Давненько не скитались мы с тобою
По преисподней и по небесам.

А.
После ухода Краскина я впал в забытье. Мне снились большие синие птицы, они неутолимо пили из красной реки, окунув в воду головы, как страусы в песок. Проснувшись, я глянул на часы: половина одиннадцатого. Ужин давно закончился. В окне шевелилась густая звездная ночь. Я добрел до умывальника и долго не мог утолить жажду. Горло совсем не болело. Ломота в суставах исчезла. В самом деле, эликсир батыров! Пощупал лоб, и он показался мне едва теплым. Чудо!
– Тридцать шесть и четыре, – констатировала Нюся, с удивлением разглядывая градусник, – вот что значит – молодой организм! Завтра как новенький будешь. Выпей пустырничка, а то не уснешь теперь. Что-то в погоде. У Александра Изотовича опять аритмия. Но он у меня молодец!
Очередь около телефонной будки рассосалась, однако за рифленым стеклом виднелся расплывчатый силуэт: занято.
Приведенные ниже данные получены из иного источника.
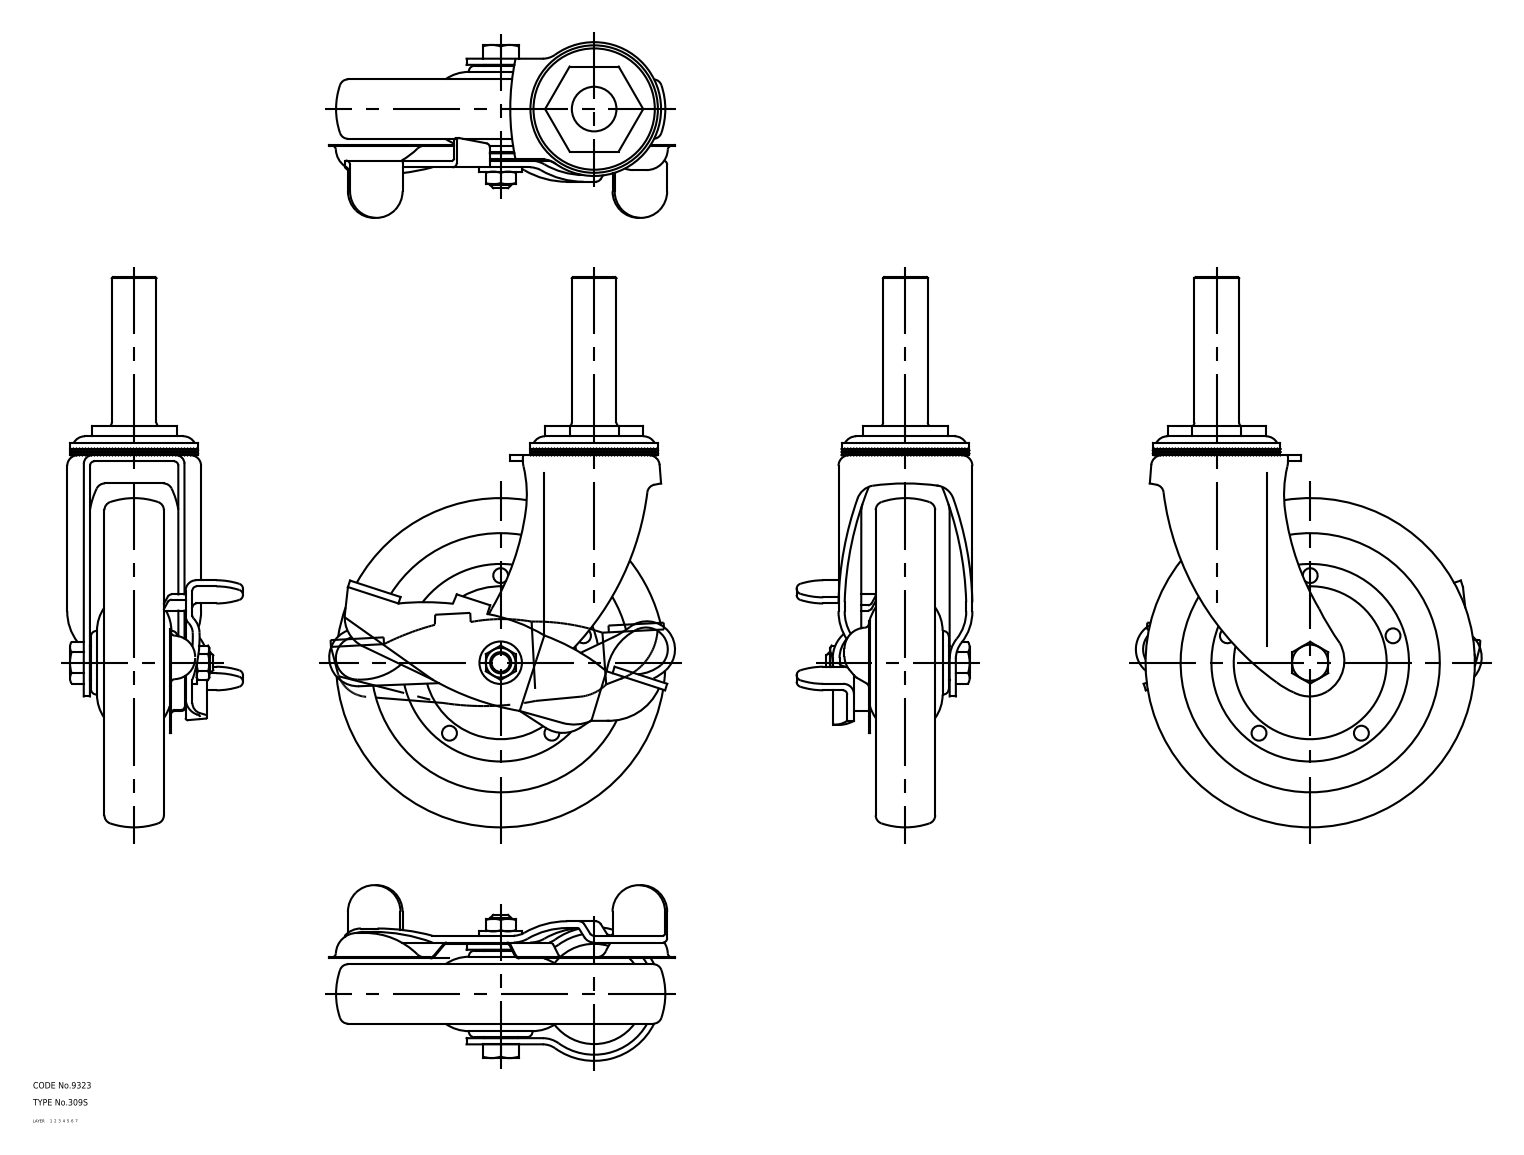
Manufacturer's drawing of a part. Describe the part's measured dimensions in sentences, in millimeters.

– Проспал ужин-то? – участливо спросила Ефросинья Михайловна.
– Угу…
– На-кось козьего молочка! – Она достала из-под стойки стакан, накрытый белым ломтиком.
– Спасибо…
Я пил густое пахучее молоко, жевал хлеб и ждал, когда же освободится телефон. Из кабинки доносился прокуренный мужской голос:
– …Зачем нам его убивать? Успеем. Пусть поживет, побегает за деньгами… Кстати, что там у нас с инкассатором?.. Умер при невыясненных обстоятельствах? Ну и хрен с ним… Бухгалтер Шавлов еще жив?.. Вот и хорошо. Он видел налетчиков в лицо и приведет нас к спрятанным деньгам, а потом мы его пырнем на рынке ножом или столкнем под электричку… Лучше сбить машиной? Думаешь? Пожалуй… Он же у нас постоянно гуляет с собакой. Пса-то потом куда? Пес запомнит запах сбившей машины и может опознать убийц… Умница! Отравим крысиным ядом. Ладно, пойду запишу, пока не забыл…
Из кабинки вышел Григорий Майнер, лысый загорелый крепыш в шелковой полосатой пижаме, распахнутой на волосатой груди. Бывший милиционер, он сочинял детективы вместе с младшим братом Кириллом, в прошлом детским стоматологом. Их романы про следователя Трофимова, задумчивого сыщика-разгильдяя, собиравшего оловянных солдатиков и раскрывавшего самые замысловатые убийства, шли нарасхват. Соавторы получили по большой квартире в новом кирпичном доме, построенном для сотрудников МВД, и разъезжали на «Волгах» с блатными номерами, выданными по распоряжению министра Щелокова.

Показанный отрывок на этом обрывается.